[[ Available records open ]]
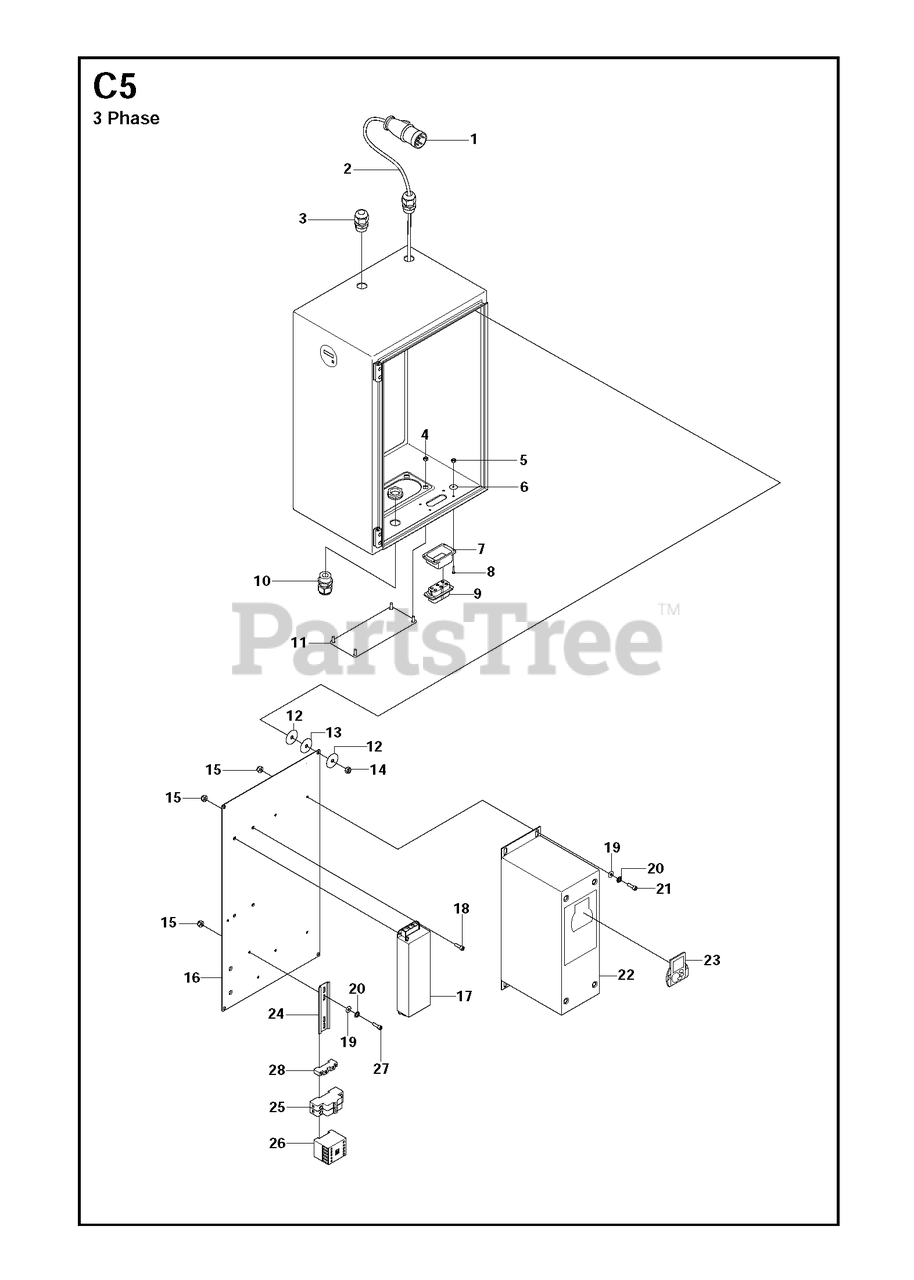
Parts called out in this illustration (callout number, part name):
4	HEXAGON LOCKING NUT
5	HEXAGON LOCKING NUT
14	HEXAGON LOCKING NUT
21	SCREW IHSCM
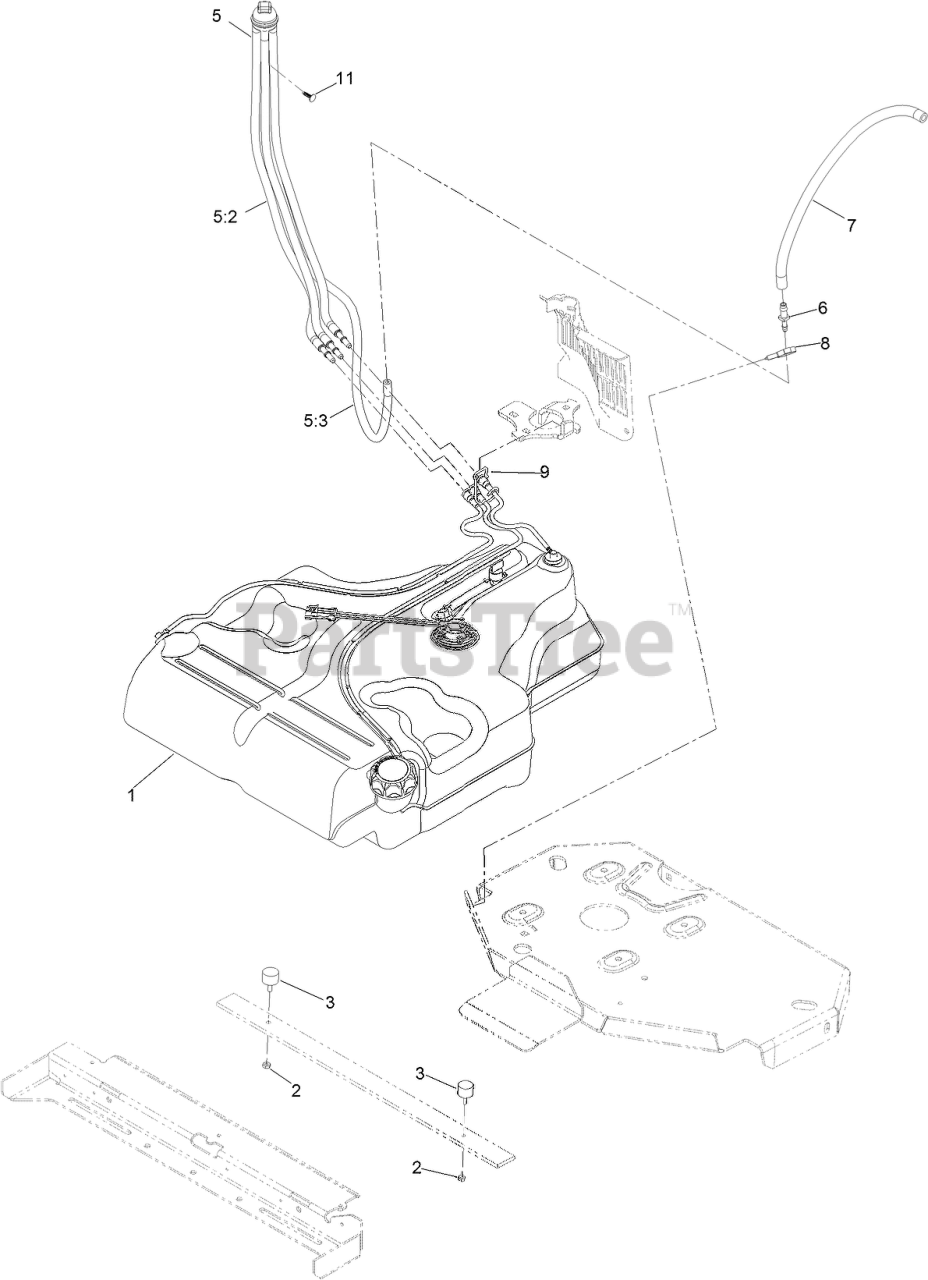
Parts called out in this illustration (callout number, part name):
1	FUEL TANK ASM
2	NUT-JAM
5	FUEL MANIFOLD VENT ASM
5:2	HOSE-FUEL
5:3	HOSE-FUEL
6	FITTING-STRAIGHT
7	HOSE-FUEL
8	CLAMP-HOSE
9	RETAINER-LINE, VAPOR
11	PLUG-PLASTIC
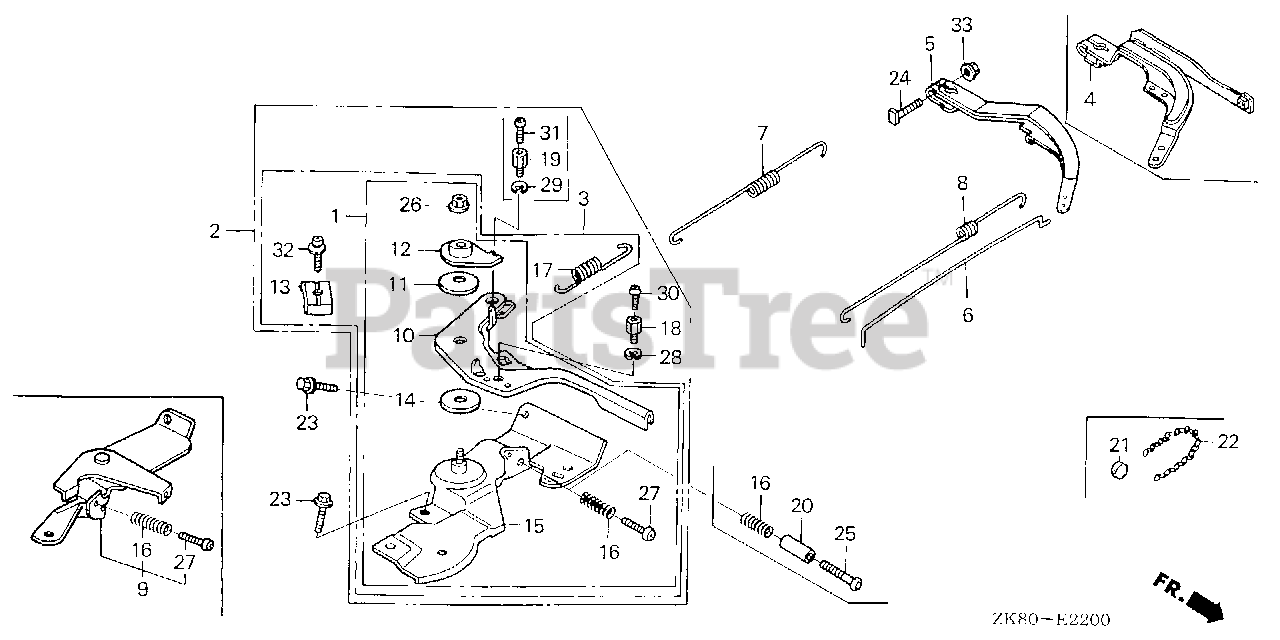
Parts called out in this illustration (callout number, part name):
[[ Available records closed ]]
Task to complete:
All of the entries, apart from the pictures, must be returned exactly.

Solution to this exercise:
Parts called out in this illustration (callout number, part name):
4	HEXAGON LOCKING NUT
5	HEXAGON LOCKING NUT
14	HEXAGON LOCKING NUT
21	SCREW IHSCM
Parts called out in this illustration (callout number, part name):
1	FUEL TANK ASM
2	NUT-JAM
5	FUEL MANIFOLD VENT ASM
5:2	HOSE-FUEL
5:3	HOSE-FUEL
6	FITTING-STRAIGHT
7	HOSE-FUEL
8	CLAMP-HOSE
9	RETAINER-LINE, VAPOR
11	PLUG-PLASTIC
Parts called out in this illustration (callout number, part name):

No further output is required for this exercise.